Return every line from the records below with the string "linetype".
-=-=-=-=-
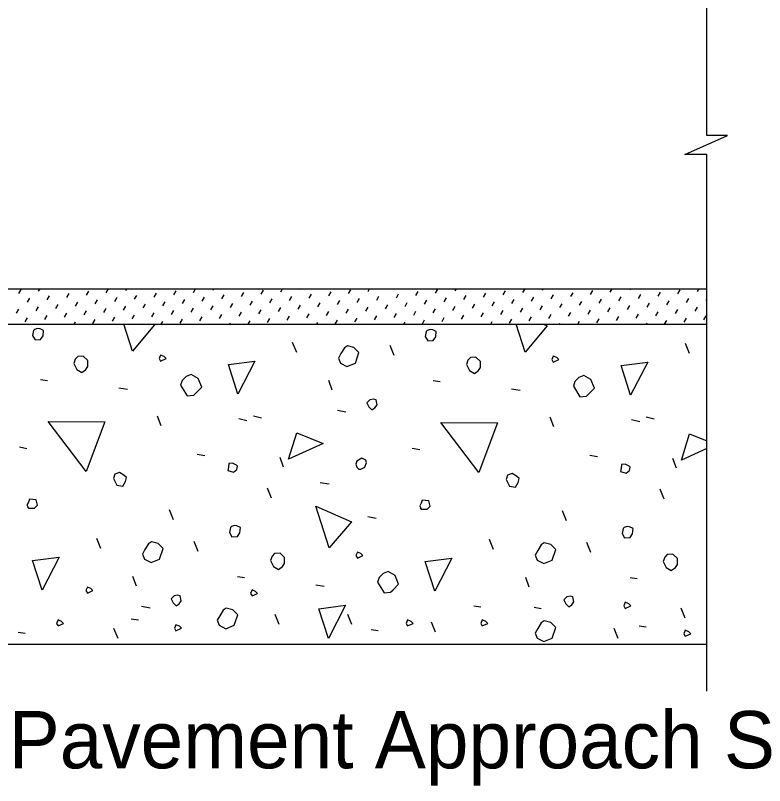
# Model space of a CAD drawing. Extents: x 130649.2 to 130733.9, y 88659.3 to 88705.5.
# Drawn here: x 130654.955 to 130657.592, y 88686.133 to 88688.843 of the extents above; entities that cross this region are included whole.
import ezdxf

# ---------------------------------------------------------------- set-up
doc = ezdxf.new("R2010")
doc.units = 0
for name, color, linetype in [('AdhocPoint_dp', 7, 'Continuous'), ('PlotBorder_dp', 7, 'Continuous'), ('TextMisc', 7, 'Continuous')]:
    doc.layers.add(name, color=color, linetype=linetype)

msp = doc.modelspace()

# ---------------------------------------------------------------- linework, layer by layer
at = {"layer": 'AdhocPoint_dp'}
for p, q in [((130649.8579, 88687.8812), (130657.3892, 88687.8812)), ((130649.8579, 88687.7562), (130657.3892, 88687.7562)), ((130649.8579, 88686.6312), (130657.3892, 88686.6312))]:
    msp.add_line(p, q, dxfattribs=at)
at = {"layer": 'PlotBorder_dp'}
for points in [[(130657.3892, 88688.7146), (130657.3892, 88689.6018), (130657.3117, 88689.6018), (130657.4617, 88689.668), (130657.3892, 88689.668), (130657.3892, 88691.4813)], [(130657.3892, 88686.4655), (130657.3892, 88688.3538), (130657.3117, 88688.3538), (130657.4617, 88688.4201), (130657.3892, 88688.4201), (130657.3892, 88688.7146)]]:
    msp.add_lwpolyline(points, dxfattribs=at)
at = {"layer": 'TextMisc'}
for p, q in [((130654.9675, 88687.8644), (130654.9756, 88687.8784)), ((130655.0366, 88687.8725), (130655.0417, 88687.8812)), ((130655.1058, 88687.8806), (130655.1061, 88687.8812)), ((130655.2055, 88687.8582), (130655.2136, 88687.8722)), ((130655.2747, 88687.8663), (130655.2828, 88687.8803)), ((130655.3438, 88687.8744), (130655.3478, 88687.8812)), ((130655.5127, 88687.8601), (130655.5208, 88687.8741)), ((130655.5818, 88687.8682), (130655.5894, 88687.8812)), ((130655.651, 88687.8763), (130655.6539, 88687.8812)), ((130655.8199, 88687.862), (130655.828, 88687.876)), ((130655.889, 88687.8701), (130655.8955, 88687.8812)), ((130655.9582, 88687.8782), (130655.9599, 88687.8812)), ((130656.1271, 88687.8639), (130656.1352, 88687.8778)), ((130656.1962, 88687.872), (130656.2016, 88687.8812)), ((130656.2654, 88687.8801), (130656.266, 88687.8812)), ((130656.3651, 88687.8576), (130656.3732, 88687.8716)), ((130656.4342, 88687.8657), (130656.4423, 88687.8797)), ((130656.5034, 88687.8738), (130656.5077, 88687.8812)), ((130656.6723, 88687.8595), (130656.6804, 88687.8735)), ((130656.7414, 88687.8676), (130656.7493, 88687.8812)), ((130656.8106, 88687.8757), (130656.8138, 88687.8812)), ((130656.9794, 88687.8614), (130656.9875, 88687.8754)), ((130657.0486, 88687.8695), (130657.0554, 88687.8812)), ((130657.1178, 88687.8776), (130657.1199, 88687.8812)), ((130657.2866, 88687.8633), (130657.2947, 88687.8773)), ((130657.3558, 88687.8714), (130657.3615, 88687.8812)), ((130654.998, 88687.8339), (130655.0061, 88687.8479)), ((130655.0672, 88687.842), (130655.0753, 88687.856)), ((130655.1363, 88687.8501), (130655.1444, 88687.8641)), ((130655.3052, 88687.8358), (130655.3133, 88687.8498)), ((130655.3744, 88687.8439), (130655.3825, 88687.8579)), ((130655.4435, 88687.852), (130655.4516, 88687.866)), ((130655.5432, 88687.8296), (130655.5513, 88687.8436)), ((130655.6124, 88687.8377), (130655.6205, 88687.8517)), ((130655.6815, 88687.8458), (130655.6896, 88687.8598)), ((130655.7507, 88687.8539), (130655.7588, 88687.8679)), ((130655.8504, 88687.8314), (130655.8585, 88687.8454)), ((130655.9196, 88687.8395), (130655.9277, 88687.8535)), ((130655.9887, 88687.8476), (130655.9968, 88687.8616)), ((130656.0579, 88687.8558), (130656.066, 88687.8697)), ((130656.1576, 88687.8333), (130656.1657, 88687.8473)), ((130656.2267, 88687.8414), (130656.2348, 88687.8554)), ((130656.2959, 88687.8495), (130656.304, 88687.8635)), ((130656.4648, 88687.8352), (130656.4729, 88687.8492)), ((130656.5339, 88687.8433), (130656.542, 88687.8573)), ((130656.6031, 88687.8514), (130656.6112, 88687.8654)), ((130656.772, 88687.8371), (130656.7801, 88687.8511)), ((130656.8411, 88687.8452), (130656.8492, 88687.8592)), ((130656.9103, 88687.8533), (130656.9184, 88687.8673)), ((130657.01, 88687.8309), (130657.0181, 88687.8449)), ((130657.0791, 88687.839), (130657.0872, 88687.853)), ((130657.1483, 88687.8471), (130657.1564, 88687.8611)), ((130657.2175, 88687.8552), (130657.2256, 88687.8692)), ((130657.3172, 88687.8327), (130657.3253, 88687.8467)), ((130657.3863, 88687.8408), (130657.3892, 88687.8459)), ((130655.0285, 88687.8034), (130655.0366, 88687.8174)), ((130655.0977, 88687.8115), (130655.1058, 88687.8255)), ((130655.1669, 88687.8196), (130655.175, 88687.8336)), ((130655.236, 88687.8277), (130655.2441, 88687.8417)), ((130655.3357, 88687.8053), (130655.3438, 88687.8193)), ((130655.4049, 88687.8134), (130655.413, 88687.8274)), ((130655.474, 88687.8215), (130655.4821, 88687.8355)), ((130655.6429, 88687.8071), (130655.651, 88687.8211)), ((130655.7121, 88687.8152), (130655.7202, 88687.8292)), ((130655.7812, 88687.8233), (130655.7893, 88687.8373)), ((130655.9501, 88687.809), (130655.9582, 88687.823)), ((130656.0193, 88687.8171), (130656.0274, 88687.8311)), ((130656.0884, 88687.8252), (130656.0965, 88687.8392)), ((130656.1881, 88687.8028), (130656.1962, 88687.8168)), ((130656.2573, 88687.8109), (130656.2654, 88687.8249)), ((130656.3264, 88687.819), (130656.3345, 88687.833)), ((130656.3956, 88687.8271), (130656.4037, 88687.8411)), ((130656.4953, 88687.8047), (130656.5034, 88687.8187)), ((130656.5645, 88687.8128), (130656.5726, 88687.8268)), ((130656.6336, 88687.8209), (130656.6417, 88687.8349)), ((130656.7028, 88687.829), (130656.7109, 88687.843)), ((130656.8025, 88687.8065), (130656.8106, 88687.8205)), ((130656.8717, 88687.8147), (130656.8798, 88687.8286)), ((130656.9408, 88687.8228), (130656.9489, 88687.8367)), ((130657.1097, 88687.8084), (130657.1178, 88687.8224)), ((130657.1788, 88687.8165), (130657.1869, 88687.8305)), ((130657.248, 88687.8246), (130657.2561, 88687.8386)), ((130657.3477, 88687.8022), (130657.3558, 88687.8162)), ((130654.9594, 88687.7953), (130654.9675, 88687.8093)), ((130655.1282, 88687.781), (130655.1363, 88687.7949)), ((130655.1974, 88687.7891), (130655.2055, 88687.8031)), ((130655.2666, 88687.7972), (130655.2747, 88687.8112)), ((130655.4354, 88687.7828), (130655.4435, 88687.7968)), ((130655.5046, 88687.7909), (130655.5127, 88687.8049)), ((130655.5737, 88687.799), (130655.5818, 88687.813)), ((130655.6734, 88687.7766), (130655.6815, 88687.7906)), ((130655.7426, 88687.7847), (130655.7507, 88687.7987)), ((130655.8118, 88687.7928), (130655.8199, 88687.8068)), ((130655.8809, 88687.8009), (130655.889, 88687.8149)), ((130655.9806, 88687.7785), (130655.9887, 88687.7925)), ((130656.0498, 88687.7866), (130656.0579, 88687.8006)), ((130656.1189, 88687.7947), (130656.1271, 88687.8087)), ((130656.2878, 88687.7804), (130656.2959, 88687.7944)), ((130656.357, 88687.7885), (130656.3651, 88687.8025)), ((130656.4261, 88687.7966), (130656.4342, 88687.8106)), ((130656.595, 88687.7822), (130656.6031, 88687.7962)), ((130656.6642, 88687.7903), (130656.6723, 88687.8043)), ((130656.7333, 88687.7984), (130656.7414, 88687.8124)), ((130656.833, 88687.776), (130656.8411, 88687.79)), ((130656.9022, 88687.7841), (130656.9103, 88687.7981)), ((130656.9713, 88687.7922), (130656.9794, 88687.8062)), ((130657.0405, 88687.8003), (130657.0486, 88687.8143)), ((130657.1402, 88687.7779), (130657.1483, 88687.7919)), ((130657.2094, 88687.786), (130657.2175, 88687.8)), ((130657.2785, 88687.7941), (130657.2866, 88687.8081)), ((130654.9899, 88687.7647), (130654.998, 88687.7787)), ((130655.0591, 88687.7729), (130655.0672, 88687.7868)), ((130655.1621, 88687.7562), (130655.1669, 88687.7644)), ((130655.2279, 88687.7585), (130655.236, 88687.7725)), ((130655.2971, 88687.7666), (130655.3052, 88687.7806)), ((130655.3662, 88687.7747), (130655.3744, 88687.7887)), ((130655.4682, 88687.7562), (130655.474, 88687.7663)), ((130655.5351, 88687.7604), (130655.5432, 88687.7744)), ((130655.6043, 88687.7685), (130655.6124, 88687.7825)), ((130655.7743, 88687.7562), (130655.7812, 88687.7682)), ((130655.8423, 88687.7623), (130655.8504, 88687.7763)), ((130655.9115, 88687.7704), (130655.9196, 88687.7844)), ((130656.0159, 88687.7562), (130656.0193, 88687.7619)), ((130656.0804, 88687.7562), (130656.0884, 88687.7701)), ((130656.1495, 88687.7642), (130656.1576, 88687.7782)), ((130656.2186, 88687.7723), (130656.2267, 88687.7863)), ((130656.322, 88687.7562), (130656.3264, 88687.7638)), ((130656.3875, 88687.7579), (130656.3956, 88687.7719)), ((130656.4567, 88687.766), (130656.4648, 88687.78)), ((130656.5258, 88687.7741), (130656.5339, 88687.7881)), ((130656.6281, 88687.7562), (130656.6336, 88687.7657)), ((130656.6947, 88687.7598), (130656.7028, 88687.7738)), ((130656.7639, 88687.7679), (130656.772, 88687.7819)), ((130656.9342, 88687.7562), (130656.9408, 88687.7676)), ((130657.0019, 88687.7617), (130657.01, 88687.7757)), ((130657.071, 88687.7698), (130657.0791, 88687.7838)), ((130657.2403, 88687.7562), (130657.248, 88687.7695)), ((130657.3091, 88687.7636), (130657.3172, 88687.7776)), ((130657.3782, 88687.7717), (130657.3863, 88687.7857)), ((130655.0976, 88687.7562), (130655.0977, 88687.7563)), ((130655.4037, 88687.7562), (130655.4049, 88687.7582)), ((130655.7098, 88687.7562), (130655.7121, 88687.7601)), ((130656.5637, 88687.7562), (130656.5645, 88687.7576)), ((130656.8698, 88687.7562), (130656.8717, 88687.7595)), ((130657.1759, 88687.7562), (130657.1788, 88687.7614)), ((130655.9451, 88687.6568), (130655.9309, 88687.6922)), ((130656.288, 88687.6462), (130656.2739, 88687.6816)), ((130657.3275, 88687.6533), (130657.3133, 88687.6886)), ((130655.0435, 88687.5614), (130655.0683, 88687.5578)), ((130656.0706, 88687.5242), (130656.0582, 88687.5578)), ((130656.4259, 88687.5578), (130656.4507, 88687.5543)), ((130655.3193, 88687.5331), (130655.3493, 88687.5278)), ((130656.7017, 88687.5295), (130656.7317, 88687.5242)), ((130656.0883, 88687.4535), (130656.1183, 88687.4482)), ((130655.4678, 88687.3987), (130655.4554, 88687.4323)), ((130655.7418, 88687.4252), (130655.7701, 88687.4182)), ((130655.793, 88687.4341), (130655.8213, 88687.427)), ((130656.8502, 88687.3952), (130656.8378, 88687.4288)), ((130657.1242, 88687.4217), (130657.1525, 88687.4146)), ((130657.1754, 88687.4305), (130657.2037, 88687.4235)), ((130654.9693, 88687.3245), (130654.9958, 88687.3192)), ((130656.3517, 88687.3209), (130656.3782, 88687.3156)), ((130655.5951, 88687.2997), (130655.6216, 88687.2944)), ((130655.8991, 88687.2538), (130655.8867, 88687.2874)), ((130656.9775, 88687.2962), (130657.004, 88687.2909)), ((130657.2815, 88687.2502), (130657.2691, 88687.2838)), ((130656.0282, 88687.199), (130656.06, 88687.1954)), ((130655.8567, 88687.1442), (130655.8425, 88687.1795)), ((130657.2391, 88687.1406), (130657.2249, 88687.176)), ((130655.512, 88687.0681), (130655.4978, 88687.1035)), ((130656.8944, 88687.0646), (130656.8802, 88687.1)), ((130656.1961, 88687.0805), (130656.2244, 88687.0735)), ((130655.2556, 88686.9674), (130655.2415, 88687.0027)), ((130655.5986, 88686.9568), (130655.5845, 88686.9921)), ((130656.638, 88686.9638), (130656.6239, 88686.9992)), ((130656.981, 88686.9532), (130656.9668, 88686.9886)), ((130655.3812, 88686.8348), (130655.3688, 88686.8684)), ((130655.7365, 88686.8684), (130655.7612, 88686.8649)), ((130656.7636, 88686.8313), (130656.7512, 88686.8649)), ((130657.1189, 88686.8649), (130657.1436, 88686.8613)), ((130656.0123, 88686.8401), (130656.0423, 88686.8348)), ((130655.3988, 88686.7641), (130655.4289, 88686.7588)), ((130656.5687, 88686.7661), (130656.5934, 88686.7626)), ((130656.7812, 88686.7606), (130656.8058, 88686.7562)), ((130655.8834, 88686.6998), (130655.8692, 88686.7351)), ((130656.1387, 88686.6998), (130656.1246, 88686.7351)), ((130657.3124, 88686.7219), (130657.2983, 88686.7572)), ((130655.363, 88686.7195), (130655.3878, 88686.7159)), ((130656.4334, 88686.6728), (130656.4192, 88686.7081)), ((130655.3162, 88686.6507), (130655.302, 88686.686)), ((130656.2077, 88686.6826), (130656.2325, 88686.6791)), ((130657.0767, 88686.6507), (130657.0626, 88686.686)), ((130657.1506, 88686.6949), (130657.1753, 88686.6914)), ((130654.9653, 88686.6728), (130654.99, 88686.6693))]:
    msp.add_line(p, q, dxfattribs=at)
for points in [[(130655.0152, 88687.7169), (130655.0241, 88687.701), (130655.0435, 88687.7028), (130655.0524, 88687.7151), (130655.0541, 88687.7346), (130655.0417, 88687.7399), (130655.0329, 88687.7417), (130655.0223, 88687.7381), (130655.0188, 88687.7346), (130655.0152, 88687.7169)], [(130655.367, 88687.6621), (130655.3364, 88687.7562)], [(130655.4398, 88687.7562), (130655.4448, 88687.754), (130655.367, 88687.6621)], [(130656.3976, 88687.7134), (130656.4065, 88687.6975), (130656.4259, 88687.6992), (130656.4347, 88687.7116), (130656.4365, 88687.7311), (130656.4241, 88687.7364), (130656.4153, 88687.7381), (130656.4047, 88687.7346), (130656.4012, 88687.7311), (130656.3976, 88687.7134)], [(130656.7494, 88687.6586), (130656.7177, 88687.7562)], [(130656.8141, 88687.7562), (130656.8272, 88687.7505), (130656.7494, 88687.6586)], [(130656.0989, 88687.6197), (130656.1219, 88687.6073), (130656.1519, 88687.6197), (130656.1643, 88687.6568), (130656.1466, 88687.6745), (130656.1236, 88687.6798), (130656.113, 88687.6727), (130656.1006, 88687.6533), (130656.0918, 88687.6374), (130656.0989, 88687.6197)], [(130655.1602, 88687.6179), (130655.1708, 88687.5967), (130655.1885, 88687.5861), (130655.2026, 88687.5967), (130655.2097, 88687.6073), (130655.2097, 88687.6285), (130655.1938, 88687.6444), (130655.1743, 88687.6427), (130655.1655, 88687.6338), (130655.1602, 88687.6179)], [(130655.466, 88687.6268), (130655.4855, 88687.6356), (130655.4784, 88687.6427), (130655.466, 88687.648), (130655.4607, 88687.6356), (130655.466, 88687.6268)], [(130655.7382, 88687.5101), (130655.7047, 88687.6144), (130655.7984, 88687.6268), (130655.7382, 88687.5101)], [(130656.5426, 88687.6144), (130656.5532, 88687.5932), (130656.5709, 88687.5826), (130656.585, 88687.5932), (130656.5921, 88687.6038), (130656.5921, 88687.625), (130656.5762, 88687.6409), (130656.5567, 88687.6391), (130656.5479, 88687.6303), (130656.5426, 88687.6144)], [(130656.8484, 88687.6232), (130656.8679, 88687.6321), (130656.8608, 88687.6391), (130656.8484, 88687.6444), (130656.8431, 88687.6321), (130656.8484, 88687.6232)], [(130657.1206, 88687.5066), (130657.0871, 88687.6109), (130657.1807, 88687.6232), (130657.1206, 88687.5066)], [(130655.5367, 88687.5419), (130655.5597, 88687.5048), (130655.5827, 88687.5066), (130655.5915, 88687.5154), (130655.611, 88687.5348), (130655.5986, 88687.5649), (130655.5738, 88687.579), (130655.5562, 88687.572), (130655.542, 88687.5578), (130655.5367, 88687.5419)], [(130656.9191, 88687.5384), (130656.9421, 88687.5012), (130656.9651, 88687.503), (130656.9739, 88687.5119), (130656.9934, 88687.5313), (130656.981, 88687.5614), (130656.9562, 88687.5755), (130656.9386, 88687.5684), (130656.9244, 88687.5543), (130656.9191, 88687.5384)], [(130656.1996, 88687.4659), (130656.2102, 88687.4553), (130656.2208, 88687.4624), (130656.2279, 88687.473), (130656.2244, 88687.4906), (130656.2155, 88687.4924), (130656.2032, 88687.4906), (130656.1926, 88687.48), (130656.1996, 88687.4659)], [(130655.2044, 88687.2379), (130655.07, 88687.4146), (130655.2698, 88687.4129), (130655.2044, 88687.2379)], [(130656.5868, 88687.2343), (130656.4524, 88687.4111), (130656.6522, 88687.4093), (130656.5868, 88687.2343)], [(130655.9168, 88687.282), (130655.9451, 88687.374), (130656.0388, 88687.3368), (130655.9168, 88687.282)], [(130657.2992, 88687.2785), (130657.3275, 88687.3704), (130657.3892, 88687.346)], [(130657.3892, 88687.319), (130657.2992, 88687.2785)], [(130656.1643, 88687.2467), (130656.1714, 88687.2467), (130656.1855, 88687.2538), (130656.1908, 88687.2697), (130656.189, 88687.2785), (130656.1749, 88687.2856), (130656.1572, 88687.275), (130656.1537, 88687.2644), (130656.1572, 88687.2538), (130656.1643, 88687.2467)], [(130655.7029, 88687.2414), (130655.7223, 88687.2361), (130655.7347, 88687.2449), (130655.7365, 88687.2573), (130655.7329, 88687.2608), (130655.7188, 88687.2679), (130655.7064, 88687.2661), (130655.7047, 88687.2538), (130655.7029, 88687.2414)], [(130657.0853, 88687.2379), (130657.1047, 88687.2325), (130657.1171, 88687.2414), (130657.1189, 88687.2538), (130657.1153, 88687.2573), (130657.1012, 88687.2644), (130657.0888, 88687.2626), (130657.0871, 88687.2502), (130657.0853, 88687.2379)], [(130655.3034, 88687.206), (130655.3122, 88687.1901), (130655.3334, 88687.1866), (130655.3423, 88687.2025), (130655.3458, 88687.2166), (130655.337, 88687.2255), (130655.3211, 88687.2343), (130655.3051, 88687.229), (130655.2998, 88687.2131), (130655.3034, 88687.206)], [(130656.6858, 88687.2025), (130656.6946, 88687.1866), (130656.7158, 88687.1831), (130656.7247, 88687.199), (130656.7282, 88687.2131), (130656.7194, 88687.2219), (130656.7034, 88687.2308), (130656.6875, 88687.2255), (130656.6822, 88687.2096), (130656.6858, 88687.2025)], [(130655.0011, 88687.1088), (130655.0223, 88687.1088), (130655.0329, 88687.1194), (130655.0276, 88687.1389), (130655.0046, 88687.1406), (130655.0011, 88687.13), (130654.9958, 88687.1212), (130655.0011, 88687.1088), (130654.9976, 88687.1123)], [(130656.06, 88686.9692), (130656.0123, 88687.1159), (130656.1378, 88687.0611), (130656.06, 88686.9692)], [(130656.3835, 88687.1053), (130656.4047, 88687.1053), (130656.4153, 88687.1159), (130656.41, 88687.1353), (130656.387, 88687.1371), (130656.3835, 88687.1265), (130656.3782, 88687.1176), (130656.3835, 88687.1053), (130656.3799, 88687.1088)], [(130655.7082, 88687.024), (130655.717, 88687.008), (130655.7365, 88687.0098), (130655.7453, 88687.0222), (130655.7471, 88687.0416), (130655.7347, 88687.0469), (130655.7259, 88687.0487), (130655.7153, 88687.0452), (130655.7117, 88687.0416), (130655.7082, 88687.024)], [(130657.0906, 88687.0204), (130657.0994, 88687.0045), (130657.1189, 88687.0063), (130657.1277, 88687.0186), (130657.1295, 88687.0381), (130657.1171, 88687.0434), (130657.1083, 88687.0452), (130657.0977, 88687.0416), (130657.0941, 88687.0381), (130657.0906, 88687.0204)], [(130655.4094, 88686.9303), (130655.4324, 88686.9179), (130655.4625, 88686.9303), (130655.4749, 88686.9674), (130655.4572, 88686.9851), (130655.4342, 88686.9904), (130655.4236, 88686.9833), (130655.4112, 88686.9638), (130655.4024, 88686.9479), (130655.4094, 88686.9303)], [(130656.7918, 88686.9267), (130656.8148, 88686.9144), (130656.8449, 88686.9267), (130656.8572, 88686.9638), (130656.8396, 88686.9815), (130656.8166, 88686.9868), (130656.806, 88686.9798), (130656.7936, 88686.9603), (130656.7848, 88686.9444), (130656.7918, 88686.9267)], [(130655.8532, 88686.925), (130655.8638, 88686.9037), (130655.8814, 88686.8931), (130655.8956, 88686.9037), (130655.9027, 88686.9144), (130655.9027, 88686.9356), (130655.8867, 88686.9515), (130655.8673, 88686.9497), (130655.8585, 88686.9409), (130655.8532, 88686.925)], [(130656.159, 88686.9338), (130656.1784, 88686.9426), (130656.1714, 88686.9497), (130656.159, 88686.955), (130656.1537, 88686.9426), (130656.159, 88686.9338)], [(130655.0488, 88686.8207), (130655.0152, 88686.925), (130655.1089, 88686.9373), (130655.0488, 88686.8207)], [(130656.4312, 88686.8171), (130656.3976, 88686.9214), (130656.4913, 88686.9338), (130656.4312, 88686.8171)], [(130657.2355, 88686.9214), (130657.2462, 88686.9002), (130657.2638, 88686.8896), (130657.278, 88686.9002), (130657.285, 88686.9108), (130657.285, 88686.932), (130657.2691, 88686.9479), (130657.2497, 88686.9462), (130657.2409, 88686.9373), (130657.2355, 88686.9214)], [(130656.2297, 88686.8489), (130656.2527, 88686.8118), (130656.2756, 88686.8136), (130656.2845, 88686.8224), (130656.3039, 88686.8419), (130656.2916, 88686.8719), (130656.2668, 88686.8861), (130656.2491, 88686.879), (130656.235, 88686.8649), (130656.2297, 88686.8489)], [(130655.2085, 88686.8105), (130655.2279, 88686.8194), (130655.2208, 88686.8264), (130655.2085, 88686.8318), (130655.2032, 88686.8194), (130655.2085, 88686.8105)], [(130655.7879, 88686.8007), (130655.8074, 88686.8096), (130655.8003, 88686.8166), (130655.7879, 88686.8219), (130655.7826, 88686.8096), (130655.7879, 88686.8007)], [(130655.5102, 88686.7765), (130655.5208, 88686.7659), (130655.5314, 88686.7729), (130655.5385, 88686.7835), (130655.535, 88686.8012), (130655.5261, 88686.803), (130655.5137, 88686.8012), (130655.5031, 88686.7906), (130655.5102, 88686.7765)], [(130656.8926, 88686.7729), (130656.9032, 88686.7623), (130656.9138, 88686.7694), (130656.9209, 88686.78), (130656.9173, 88686.7977), (130656.9085, 88686.7994), (130656.8961, 88686.7977), (130656.8855, 88686.7871), (130656.8926, 88686.7729)], [(130656.0568, 88686.6513), (130656.0233, 88686.7556), (130656.1169, 88686.768), (130656.0568, 88686.6513)], [(130657.1016, 88686.7568), (130657.1211, 88686.7657), (130657.114, 88686.7728), (130657.1016, 88686.7781), (130657.0963, 88686.7657), (130657.1016, 88686.7568)], [(130655.6723, 88686.6972), (130655.6953, 88686.6848), (130655.7254, 88686.6972), (130655.7377, 88686.7343), (130655.7201, 88686.752), (130655.6971, 88686.7573), (130655.6865, 88686.7502), (130655.6741, 88686.7307), (130655.6653, 88686.7148), (130655.6723, 88686.6972)], [(130655.1053, 88686.6951), (130655.1248, 88686.704), (130655.1177, 88686.711), (130655.1053, 88686.7163), (130655.1, 88686.704), (130655.1053, 88686.6951)], [(130656.3355, 88686.6951), (130656.3549, 88686.704), (130656.3479, 88686.711), (130656.3355, 88686.7163), (130656.3302, 88686.704), (130656.3355, 88686.6951)], [(130656.5983, 88686.6951), (130656.6177, 88686.704), (130656.6107, 88686.711), (130656.5983, 88686.7163), (130656.593, 88686.704), (130656.5983, 88686.6951)], [(130656.7918, 88686.6524), (130656.8148, 88686.6401), (130656.8449, 88686.6524), (130656.8572, 88686.6896), (130656.8396, 88686.7072), (130656.8166, 88686.7125), (130656.806, 88686.7055), (130656.7936, 88686.686), (130656.7848, 88686.6701), (130656.7918, 88686.6524)], [(130655.5203, 88686.6779), (130655.5397, 88686.6868), (130655.5327, 88686.6939), (130655.5203, 88686.6992), (130655.515, 88686.6868), (130655.5203, 88686.6779)], [(130657.3128, 88686.6586), (130657.3323, 88686.6675), (130657.3252, 88686.6745), (130657.3128, 88686.6798), (130657.3075, 88686.6675), (130657.3128, 88686.6586)]]:
    msp.add_lwpolyline(points, dxfattribs=at)

# ---------------------------------------------------------------- texts
at = {"layer": 'PlotBorder_dp'}
msp.add_text('Approach Slab (Flexible Pavement Approach Slab ', height=0.2016, dxfattribs=at).set_placement((130651.9943, 88686.1941))

doc.saveas('drawing.dxf')
-=-=-=-=-
Solution to this problem —
for name, color, linetype in [('AdhocPoint_dp', 7, 'Continuous'), ('PlotBorder_dp', 7, 'Continuous'), ('TextMisc', 7, 'Continuous')]:
    doc.layers.add(name, color=color, linetype=linetype)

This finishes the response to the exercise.